Guest view: Battery energy storage’s promise of 24-hour green power

Over the last five years, select catalysts have helped to drive massive growth in the deployment of battery energy storage systems across the US, including: the passing of the Inflation Reduction Act (IRA) and related transferable Investment Tax Credits (ITCs); declining equipment costs, inflows of low cost ESG-driven debt, and equity capital; and increased revenue opportunities for Independent System Operators (ISOs). 

However, the following will perpetuate greater short-term uncertainty in real-time energy prices: changing load patterns; booming data centre load growth related to AI; an increasing shift to electric vehicles; and the phase-out of coal fired generation plants as more solar and wind generation facilities come online. 

Battery energy storage stands to benefit from such price volatility while providing grid-protecting ancillary services and lowering carbon emissions.

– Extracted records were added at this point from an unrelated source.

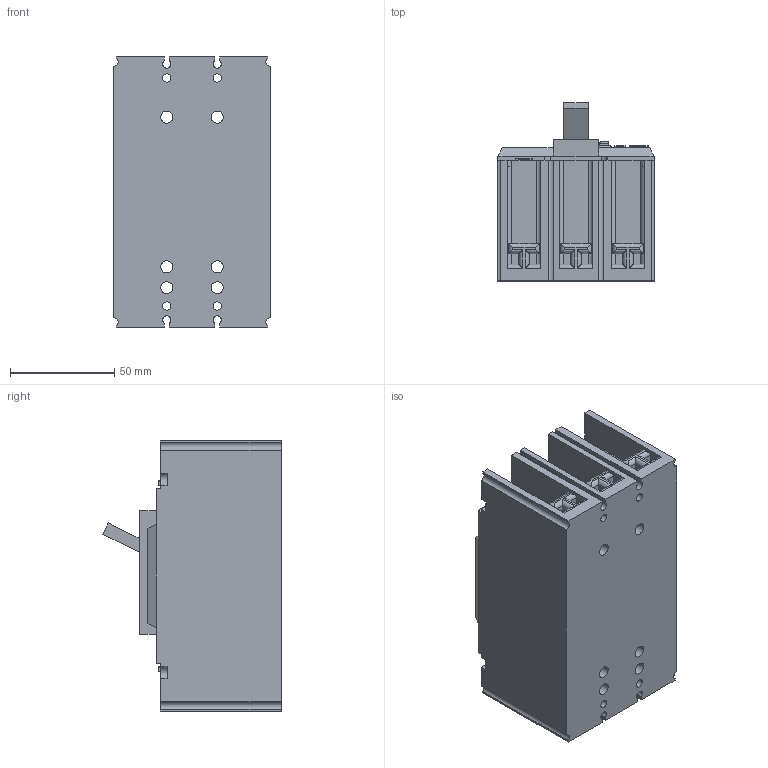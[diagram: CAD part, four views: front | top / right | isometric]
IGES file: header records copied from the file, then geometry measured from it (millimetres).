
Start section:  PTC IGES file: 5-metasol-elcb-100af-3p.igs
Global section: file name: 5-metasol-elcb-100af-3p.igs; native system: Pro/ENGINEER by Parametric Technology Corporation; preprocessor: 2010280; author: mgkimb; organization: Unknown; date: 20131029.142822; units: millimetre
Bounding box: 75 x 85.7 x 130 mm (x, y, z)
Surface area: 73513.1 mm2 (no closed solid volume)
Topology: 0 solids, 0 shells, 740 faces, 4226 edges, 4226 vertices
Faces by surface type: bspline 547, revolution 193

We founded Spearmint Energy on that exact belief: that even though the energy transition will be volatile, deploying battery energy storage will help alleviate grid instability, increase system resiliency, lower emissions, and reduce overall system costs.

Further, we believe that standalone battery energy storage, either operated with merchant exposure or contracted revenues, provides an exciting, attractive, and differentiating investment opportunity to firm up the grid and match its growing demand for clean energy. We believe this opportunity will gain even more momentum as volatility persists.

The state of volatility today

The most volatile periods of the day are generally the morning and evening “ramps” at sunrise and sunset when the rate of change of demand is greater than the rate of change of the available supply of generation.

In the hours leading up to sunrise, demand grows rapidly, but wind generation declines and solar has yet to provide enough megawatts to match increasing demand.

At sundown, solar generation drops off, while peak demand for electricity remains high and wind generation has yet to pick up. For the last 30 years, the grid has covered these volatile, high-price periods using inefficient, quick-start and carbon-intensive gas or oil-fired peakers.

Firming: The need to proactively protect the grid

In Texas and California, where renewable generation is highest, and in other ISOs where overwhelmed interconnection queues are bracing for new additions, political forces are taking more protectionist measures to address the risks of short-term grid volatility.

Some have proposed requiring the pairing of intermittent generation resources with short-term battery energy storage facilities to get ahead of any looming problem before it comes to fruition.

These measures, while not taken lightly, further reflect the grid’s critical need for greater storage. Recent research from Ascend Analytics indicates that one unit of battery energy storage will be required for every three units of renewable generation assets installed to protect the grid from under/over generation and reduce the price impact of unpredictable generation.

Given that the US currently has over 240GW of installed solar and wind generation assets, it can be deduced from this research that a minimum of 60GW of battery energy storage will be required to firm up the nation’s existing resource base – and that excludes the additional storage that would be needed to firm up the more than 1,000GW of wind and solar projects currently under development nationwide.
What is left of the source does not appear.